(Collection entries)
──────

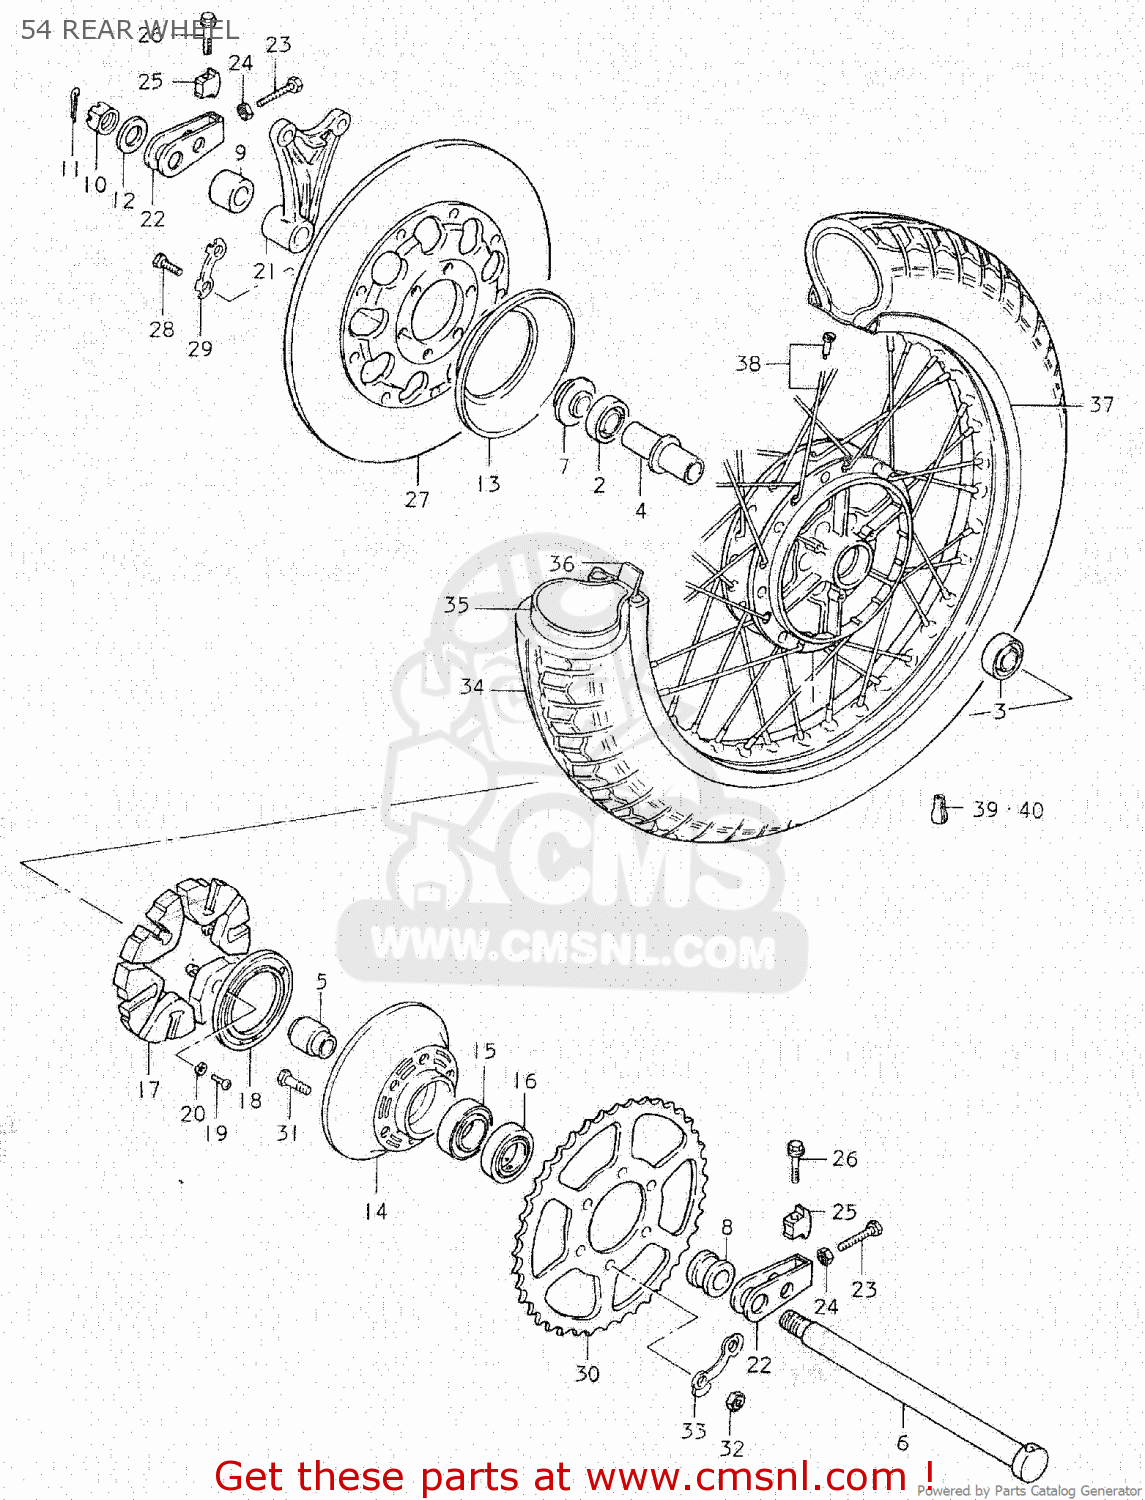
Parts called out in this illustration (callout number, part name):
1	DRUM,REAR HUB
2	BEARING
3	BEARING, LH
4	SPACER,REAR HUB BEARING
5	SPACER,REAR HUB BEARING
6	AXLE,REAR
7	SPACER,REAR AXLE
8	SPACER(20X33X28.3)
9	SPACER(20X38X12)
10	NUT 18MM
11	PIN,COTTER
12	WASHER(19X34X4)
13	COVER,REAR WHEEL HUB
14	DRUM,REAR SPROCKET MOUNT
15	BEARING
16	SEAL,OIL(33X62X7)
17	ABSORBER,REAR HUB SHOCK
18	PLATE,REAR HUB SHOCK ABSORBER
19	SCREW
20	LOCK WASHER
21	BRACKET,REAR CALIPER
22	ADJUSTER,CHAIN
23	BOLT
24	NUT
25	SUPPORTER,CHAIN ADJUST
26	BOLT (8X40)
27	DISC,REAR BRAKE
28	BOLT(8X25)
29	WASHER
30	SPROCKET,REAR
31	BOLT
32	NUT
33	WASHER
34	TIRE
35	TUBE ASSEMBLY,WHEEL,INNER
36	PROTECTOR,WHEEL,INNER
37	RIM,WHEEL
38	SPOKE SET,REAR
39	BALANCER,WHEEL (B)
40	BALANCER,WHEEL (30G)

──────

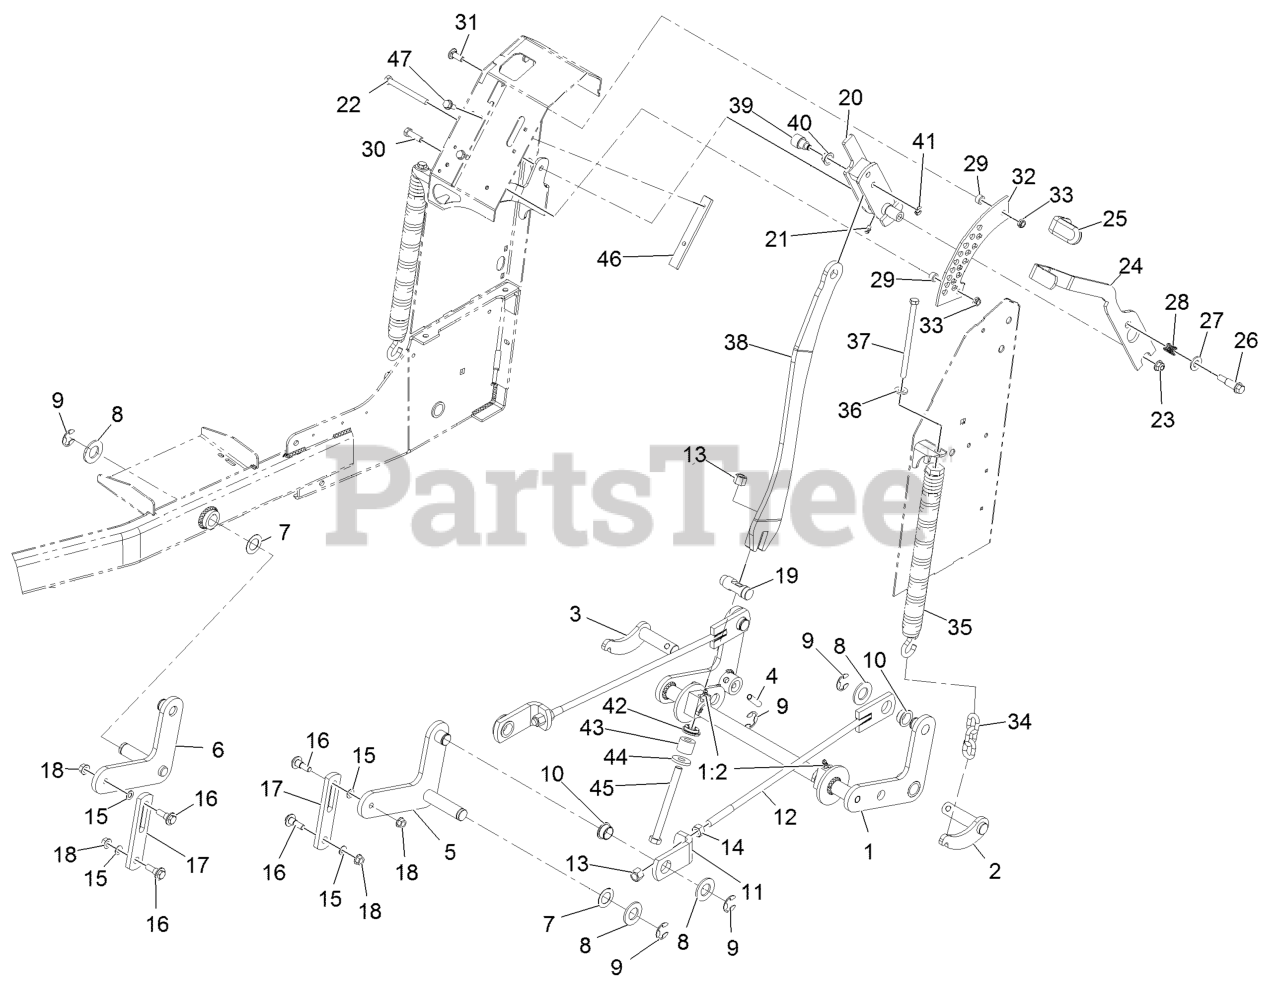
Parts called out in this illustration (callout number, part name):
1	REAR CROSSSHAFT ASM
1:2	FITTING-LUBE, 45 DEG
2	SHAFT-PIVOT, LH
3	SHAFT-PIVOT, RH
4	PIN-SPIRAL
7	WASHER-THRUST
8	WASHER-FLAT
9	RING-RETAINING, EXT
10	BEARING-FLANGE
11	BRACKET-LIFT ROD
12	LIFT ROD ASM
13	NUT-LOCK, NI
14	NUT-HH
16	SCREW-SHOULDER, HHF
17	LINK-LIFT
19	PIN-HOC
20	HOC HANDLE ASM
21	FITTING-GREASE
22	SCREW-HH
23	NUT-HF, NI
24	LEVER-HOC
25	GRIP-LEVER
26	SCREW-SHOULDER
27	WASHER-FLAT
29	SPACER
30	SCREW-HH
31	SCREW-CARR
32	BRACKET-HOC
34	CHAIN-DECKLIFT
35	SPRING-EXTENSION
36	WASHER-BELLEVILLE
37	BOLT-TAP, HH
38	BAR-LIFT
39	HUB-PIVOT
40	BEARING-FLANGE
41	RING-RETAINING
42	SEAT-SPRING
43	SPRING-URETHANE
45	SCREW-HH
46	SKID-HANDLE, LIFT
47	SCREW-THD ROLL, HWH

──────

Reproduce every line above containing "SHOCK".

17	ABSORBER,REAR HUB SHOCK
18	PLATE,REAR HUB SHOCK ABSORBER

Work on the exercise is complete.